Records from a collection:
* * * * * * *
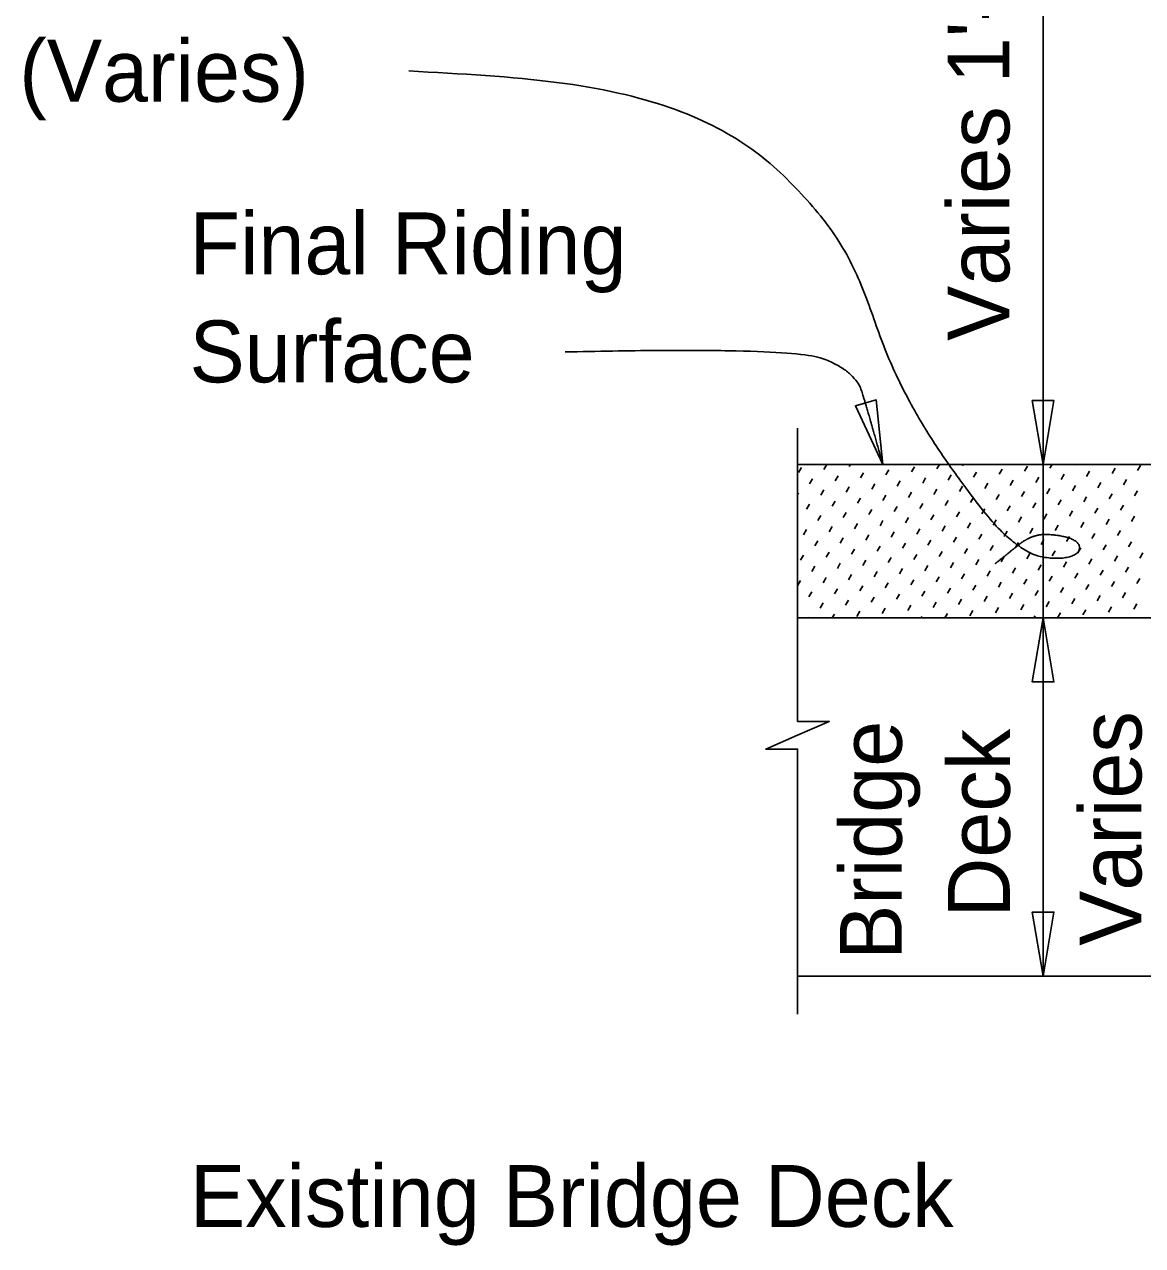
# Model space of a CAD drawing. Extents: x 21516.9 to 21589, y 56156.6 to 56194.3.
# Drawn here: x 21519.101 to 21522.743, y 56180.667 to 56184.645 of the extents above; entities that cross this region are included whole.
import ezdxf

# ---------------------------------------------------------------- set-up
doc = ezdxf.new("R2010")
doc.units = 0
for name, color, linetype in [('AdhocPoint_dp', 7, 'Continuous'), ('Patterning', 7, 'Continuous'), ('PlotBorder_dp', 7, 'Continuous'), ('SheetBorder_dp', 7, 'Continuous')]:
    doc.layers.add(name, color=color, linetype=linetype)

msp = doc.modelspace()

# ---------------------------------------------------------------- linework, layer by layer
at = {"layer": 'AdhocPoint_dp'}
for p, q in [((21525.5524, 56182.7117), (21521.6191, 56182.7117)), ((21521.6191, 56181.5451), (21528.2608, 56181.5451))]:
    msp.add_line(p, q, dxfattribs=at)
at = {"layer": 'Patterning'}
for p, q in [((21522.8378, 56183.2117), (21521.6191, 56183.2117)), ((21521.6219, 56183.1853), (21521.6316, 56183.2021)), ((21521.7048, 56183.195), (21521.7145, 56183.2117)), ((21521.7878, 56183.2047), (21521.7918, 56183.2117)), ((21521.8244, 56183.1681), (21521.8341, 56183.1849)), ((21521.9073, 56183.1778), (21521.917, 56183.1946)), ((21521.9903, 56183.1876), (21522, 56183.2044)), ((21522.0732, 56183.1973), (21522.0816, 56183.2117)), ((21522.1098, 56183.1607), (21522.1195, 56183.1775)), ((21522.1561, 56183.207), (21522.1589, 56183.2117)), ((21522.1927, 56183.1704), (21522.2025, 56183.1872)), ((21522.2757, 56183.1801), (21522.2854, 56183.1969)), ((21522.3586, 56183.1898), (21522.3683, 56183.2066)), ((21522.4416, 56183.1996), (21522.4486, 56183.2117)), ((21522.4782, 56183.163), (21522.4879, 56183.1798)), ((21522.5245, 56183.2093), (21522.5259, 56183.2117)), ((21522.5611, 56183.1727), (21522.5708, 56183.1895)), ((21522.644, 56183.1824), (21522.6538, 56183.1992)), ((21522.727, 56183.1921), (21522.7367, 56183.2089)), ((21521.6585, 56183.1487), (21521.6682, 56183.1655)), ((21521.7414, 56183.1584), (21521.7512, 56183.1752)), ((21521.7781, 56183.1218), (21521.7878, 56183.1386)), ((21521.861, 56183.1315), (21521.8707, 56183.1483)), ((21521.9439, 56183.1412), (21521.9537, 56183.158)), ((21522.0269, 56183.151), (21522.0366, 56183.1677)), ((21522.1464, 56183.1241), (21522.1561, 56183.1409)), ((21522.2293, 56183.1338), (21522.2391, 56183.1506)), ((21522.3123, 56183.1435), (21522.322, 56183.1603)), ((21522.3952, 56183.1532), (21522.4049, 56183.17)), ((21522.5148, 56183.1264), (21522.5245, 56183.1431)), ((21522.5977, 56183.1361), (21522.6074, 56183.1529)), ((21522.6806, 56183.1458), (21522.6904, 56183.1626)), ((21521.6191, 56183.1143), (21521.6219, 56183.1191)), ((21521.6951, 56183.1121), (21521.7048, 56183.1289)), ((21521.8147, 56183.0852), (21521.8244, 56183.102)), ((21521.8976, 56183.0949), (21521.9073, 56183.1117)), ((21521.9805, 56183.1046), (21521.9903, 56183.1214)), ((21522.0635, 56183.1143), (21522.0732, 56183.1311)), ((21522.183, 56183.0875), (21522.1927, 56183.1043)), ((21522.266, 56183.0972), (21522.2757, 56183.114)), ((21522.3489, 56183.1069), (21522.3586, 56183.1237)), ((21522.4318, 56183.1166), (21522.4416, 56183.1334)), ((21522.4684, 56183.08), (21522.4782, 56183.0968)), ((21522.5514, 56183.0897), (21522.5611, 56183.1065)), ((21522.6343, 56183.0995), (21522.644, 56183.1163)), ((21522.7173, 56183.1092), (21522.727, 56183.126)), ((21521.6488, 56183.0657), (21521.6585, 56183.0825)), ((21521.7317, 56183.0755), (21521.7414, 56183.0923)), ((21521.8513, 56183.0486), (21521.861, 56183.0654)), ((21521.9342, 56183.0583), (21521.9439, 56183.0751)), ((21522.0171, 56183.068), (21522.0269, 56183.0848)), ((21522.1001, 56183.0777), (21522.1098, 56183.0945)), ((21522.1367, 56183.0411), (21522.1464, 56183.0579)), ((21522.2196, 56183.0509), (21522.2293, 56183.0676)), ((21522.3026, 56183.0606), (21522.3123, 56183.0774)), ((21522.3855, 56183.0703), (21522.3952, 56183.0871)), ((21522.505, 56183.0434), (21522.5148, 56183.0602)), ((21522.588, 56183.0531), (21522.5977, 56183.0699)), ((21522.6709, 56183.0629), (21522.6806, 56183.0797)), ((21521.6854, 56183.0291), (21521.6951, 56183.0459)), ((21521.7683, 56183.0388), (21521.7781, 56183.0556)), ((21521.8049, 56183.0022), (21521.8147, 56183.019)), ((21521.8879, 56183.012), (21521.8976, 56183.0288)), ((21521.9708, 56183.0217), (21521.9805, 56183.0385)), ((21522.0538, 56183.0314), (21522.0635, 56183.0482)), ((21522.1733, 56183.0045), (21522.183, 56183.0213)), ((21522.2562, 56183.0142), (21522.266, 56183.031)), ((21522.3392, 56183.024), (21522.3489, 56183.0408)), ((21522.4221, 56183.0337), (21522.4318, 56183.0505)), ((21522.5417, 56183.0068), (21522.5514, 56183.0236)), ((21522.6246, 56183.0165), (21522.6343, 56183.0333)), ((21522.7075, 56183.0263), (21522.7173, 56183.043)), ((21521.6391, 56182.9828), (21521.6488, 56182.9996)), ((21521.722, 56182.9925), (21521.7317, 56183.0093)), ((21521.8415, 56182.9656), (21521.8513, 56182.9824)), ((21521.9245, 56182.9754), (21521.9342, 56182.9922)), ((21522.0074, 56182.9851), (21522.0171, 56183.0019)), ((21522.0904, 56182.9948), (21522.1001, 56183.0116)), ((21522.2099, 56182.9679), (21522.2196, 56182.9847)), ((21522.2928, 56182.9776), (21522.3026, 56182.9944)), ((21522.3758, 56182.9874), (21522.3855, 56183.0042)), ((21522.4587, 56182.9971), (21522.4684, 56183.0139)), ((21522.4953, 56182.9605), (21522.505, 56182.9773)), ((21522.5783, 56182.9702), (21522.588, 56182.987)), ((21522.6612, 56182.9799), (21522.6709, 56182.9967)), ((21521.6757, 56182.9462), (21521.6854, 56182.963)), ((21521.7586, 56182.9559), (21521.7683, 56182.9727)), ((21521.8782, 56182.929), (21521.8879, 56182.9458)), ((21521.9611, 56182.9387), (21521.9708, 56182.9555)), ((21522.044, 56182.9485), (21522.0538, 56182.9653)), ((21522.127, 56182.9582), (21522.1367, 56182.975)), ((21522.1636, 56182.9216), (21522.1733, 56182.9384)), ((21522.2465, 56182.9313), (21522.2562, 56182.9481)), ((21522.3294, 56182.941), (21522.3392, 56182.9578)), ((21522.4124, 56182.9508), (21522.4221, 56182.9675)), ((21522.5319, 56182.9239), (21522.5417, 56182.9407)), ((21522.6149, 56182.9336), (21522.6246, 56182.9504)), ((21522.6978, 56182.9433), (21522.7075, 56182.9601)), ((21521.6293, 56182.8999), (21521.6391, 56182.9167)), ((21521.7123, 56182.9096), (21521.722, 56182.9264)), ((21521.7952, 56182.9193), (21521.8049, 56182.9361)), ((21521.8318, 56182.8827), (21521.8415, 56182.8995)), ((21521.9148, 56182.8924), (21521.9245, 56182.9092)), ((21521.9977, 56182.9021), (21522.0074, 56182.9189)), ((21522.0806, 56182.9119), (21522.0904, 56182.9287)), ((21522.2002, 56182.885), (21522.2099, 56182.9018)), ((21522.2831, 56182.8947), (21522.2928, 56182.9115)), ((21522.3661, 56182.9044), (21522.3758, 56182.9212)), ((21522.449, 56182.9141), (21522.4587, 56182.9309)), ((21522.5685, 56182.8873), (21522.5783, 56182.9041)), ((21522.6515, 56182.897), (21522.6612, 56182.9138)), ((21522.7344, 56182.9067), (21522.7441, 56182.9235)), ((21521.6659, 56182.8633), (21521.6757, 56182.88)), ((21521.7489, 56182.873), (21521.7586, 56182.8898)), ((21521.8684, 56182.8461), (21521.8782, 56182.8629)), ((21521.9514, 56182.8558), (21521.9611, 56182.8726)), ((21522.0343, 56182.8655), (21522.044, 56182.8823)), ((21522.1172, 56182.8753), (21522.127, 56182.8921)), ((21522.2368, 56182.8484), (21522.2465, 56182.8652)), ((21522.3197, 56182.8581), (21522.3294, 56182.8749)), ((21522.4027, 56182.8678), (21522.4124, 56182.8846)), ((21522.4856, 56182.8775), (21522.4953, 56182.8943)), ((21522.5222, 56182.8409), (21522.5319, 56182.8577)), ((21522.6051, 56182.8507), (21522.6149, 56182.8674)), ((21522.6881, 56182.8604), (21522.6978, 56182.8772)), ((21521.6196, 56182.8169), (21521.6293, 56182.8337)), ((21521.7026, 56182.8266), (21521.7123, 56182.8434)), ((21521.7855, 56182.8364), (21521.7952, 56182.8532)), ((21521.905, 56182.8095), (21521.9148, 56182.8263)), ((21521.988, 56182.8192), (21521.9977, 56182.836)), ((21522.0709, 56182.8289), (21522.0806, 56182.8457)), ((21522.1539, 56182.8387), (21522.1636, 56182.8554)), ((21522.1905, 56182.802), (21522.2002, 56182.8188)), ((21522.2734, 56182.8118), (21522.2831, 56182.8286)), ((21522.3563, 56182.8215), (21522.3661, 56182.8383)), ((21522.4393, 56182.8312), (21522.449, 56182.848)), ((21522.5588, 56182.8043), (21522.5685, 56182.8211)), ((21522.6418, 56182.814), (21522.6515, 56182.8308)), ((21522.7247, 56182.8238), (21522.7344, 56182.8406)), ((21521.6562, 56182.7803), (21521.6659, 56182.7971)), ((21521.7392, 56182.79), (21521.7489, 56182.8068)), ((21521.8221, 56182.7998), (21521.8318, 56182.8166)), ((21521.8587, 56182.7632), (21521.8684, 56182.7799)), ((21521.9416, 56182.7729), (21521.9514, 56182.7897)), ((21522.0246, 56182.7826), (21522.0343, 56182.7994)), ((21522.1075, 56182.7923), (21522.1172, 56182.8091)), ((21522.2271, 56182.7654), (21522.2368, 56182.7822)), ((21522.31, 56182.7752), (21522.3197, 56182.792)), ((21522.3929, 56182.7849), (21522.4027, 56182.8017)), ((21522.4759, 56182.7946), (21522.4856, 56182.8114)), ((21522.5954, 56182.7677), (21522.6051, 56182.7845)), ((21522.6784, 56182.7774), (21522.6881, 56182.7942)), ((21521.6191, 56182.7499), (21521.6196, 56182.7508)), ((21521.6928, 56182.7437), (21521.7026, 56182.7605)), ((21521.7758, 56182.7534), (21521.7855, 56182.7702)), ((21521.8953, 56182.7265), (21521.905, 56182.7433)), ((21521.9783, 56182.7363), (21521.988, 56182.7531)), ((21522.0612, 56182.746), (21522.0709, 56182.7628)), ((21522.1441, 56182.7557), (21522.1539, 56182.7725)), ((21522.2637, 56182.7288), (21522.2734, 56182.7456)), ((21522.3466, 56182.7386), (21522.3563, 56182.7553)), ((21522.4295, 56182.7483), (21522.4393, 56182.7651)), ((21522.5125, 56182.758), (21522.5222, 56182.7748)), ((21522.5491, 56182.7214), (21522.5588, 56182.7382)), ((21522.632, 56182.7311), (21522.6418, 56182.7479)), ((21522.715, 56182.7408), (21522.7247, 56182.7576)), ((21521.6548, 56182.7117), (21521.6562, 56182.7142)), ((21521.7321, 56182.7117), (21521.7392, 56182.7239)), ((21521.8124, 56182.7168), (21521.8221, 56182.7336)), ((21522.0219, 56182.7117), (21522.0246, 56182.7165)), ((21522.0992, 56182.7117), (21522.1075, 56182.7262)), ((21522.1807, 56182.7191), (21522.1905, 56182.7359)), ((21522.3889, 56182.7117), (21522.3929, 56182.7187)), ((21522.4662, 56182.7117), (21522.4759, 56182.7285))]:
    msp.add_line(p, q, dxfattribs=at)
at = {"layer": 'PlotBorder_dp'}
msp.add_line((21522.4194, 56188.5451), (21522.4194, 56181.5451), dxfattribs=at)
for points in [[(21521.8968, 56183.2118), (21521.8755, 56183.4219), (21521.8075, 56183.4032)], [(21522.4194, 56183.2118), (21522.4547, 56183.42), (21522.3841, 56183.42)], [(21522.4194, 56182.7118), (21522.3841, 56182.5035), (21522.4547, 56182.5035)], [(21522.4194, 56181.5451), (21522.4547, 56181.7533), (21522.3841, 56181.7533)]]:
    msp.add_lwpolyline(points, close=True, dxfattribs=at)
msp.add_lwpolyline([(21521.6192, 56181.4211), (21521.6192, 56182.2845), (21521.5159, 56182.2845), (21521.6192, 56182.3295), (21521.7225, 56182.3745), (21521.6192, 56182.3745), (21521.6192, 56183.3295)], dxfattribs=at)
for points in [[(21520.3532, 56184.4939), (21521.1645, 56184.4713), (21521.7571, 56184.0192), (21521.9346, 56183.4727), (21522.2219, 56183.0503), (21522.3636, 56182.9198), (21522.4685, 56182.9014), (21522.538, 56182.9199), (21522.538, 56182.961), (21522.4671, 56182.9837), (21522.3807, 56182.9837), (21522.29, 56182.9099), (21522.263, 56182.8886)], [(21520.8624, 56183.5785), (21521.6105, 56183.5955), (21521.8073, 56183.5131), (21521.8458, 56183.397), (21521.8968, 56183.2117)]]:
    msp.add_open_spline(points, degree=2, dxfattribs=at)

# ---------------------------------------------------------------- texts
for s, p in [('(Varies)', (21519.0838, 56184.3936)), ('Final Riding ', (21519.6383, 56183.8312)), ('Surface', (21519.6383, 56183.4792))]:
    msp.add_text(s, height=0.2016, dxfattribs=at).set_placement(p)
for s, p in [('Bridge', (21521.9589, 56181.5977)), ('Deck', (21522.3109, 56181.736))]:
    msp.add_text(s, height=0.2016, rotation=90, dxfattribs=at).set_placement(p)
at = {"layer": 'SheetBorder_dp'}
for s, p in [('Varies 1\'-9" to 2\'-0"', (21522.3094, 56183.6143)), ('Varies', (21522.7396, 56181.6436))]:
    msp.add_text(s, height=0.2016, rotation=90, dxfattribs=at).set_placement(p)
msp.add_text('Existing Bridge Deck', height=0.2016, dxfattribs=at).set_placement((21519.64, 56180.7278))

doc.saveas('drawing.dxf')
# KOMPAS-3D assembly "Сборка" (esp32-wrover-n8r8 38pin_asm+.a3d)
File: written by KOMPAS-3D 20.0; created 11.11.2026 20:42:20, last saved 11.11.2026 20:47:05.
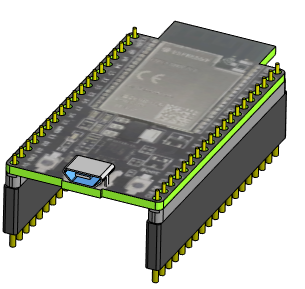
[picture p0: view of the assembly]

Document properties: Полное имя файла: D:\RicWork\Project-EPS32\box_compas\esp32\esp32-wrover-n8r8 38pin_asm+.a3d

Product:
- Part/product: Сборка
    Масса: 0.0330708
  - Component [assembly]: Сборка  | Масса: 0.021523; source file: esp32-wrover-n8r8 38pin_asm.a3d
  - Component [detail]: Деталь  | qty 2  | Масса: 0.00577391; source file: ..\разъемы\pbs_19.m3d

Referenced files in D:\RicWork\Project-EPS32\box_compas\esp32\: esp32-wrover-n8r8 38pin_asm.a3d
Referenced files in D:\RicWork\Project-EPS32\box_compas\разъемы\: pbs_19.m3d
Referenced files in D:\myProjects\Progect_esp32\box_compas\разъемы\: pbs_19.m3d
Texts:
  Деталь (1)
  Деталь (2)
* * * * * * *
- _EXERCISE INSTRUCTIONS_
The word "RicWork" appears in some lines above. Return every one of those lines.

- _ANSWER BOX_
Document properties: Полное имя файла: D:\RicWork\Project-EPS32\box_compas\esp32\esp32-wrover-n8r8 38pin_asm+.a3d
Referenced files in D:\RicWork\Project-EPS32\box_compas\esp32\: esp32-wrover-n8r8 38pin_asm.a3d
Referenced files in D:\RicWork\Project-EPS32\box_compas\разъемы\: pbs_19.m3d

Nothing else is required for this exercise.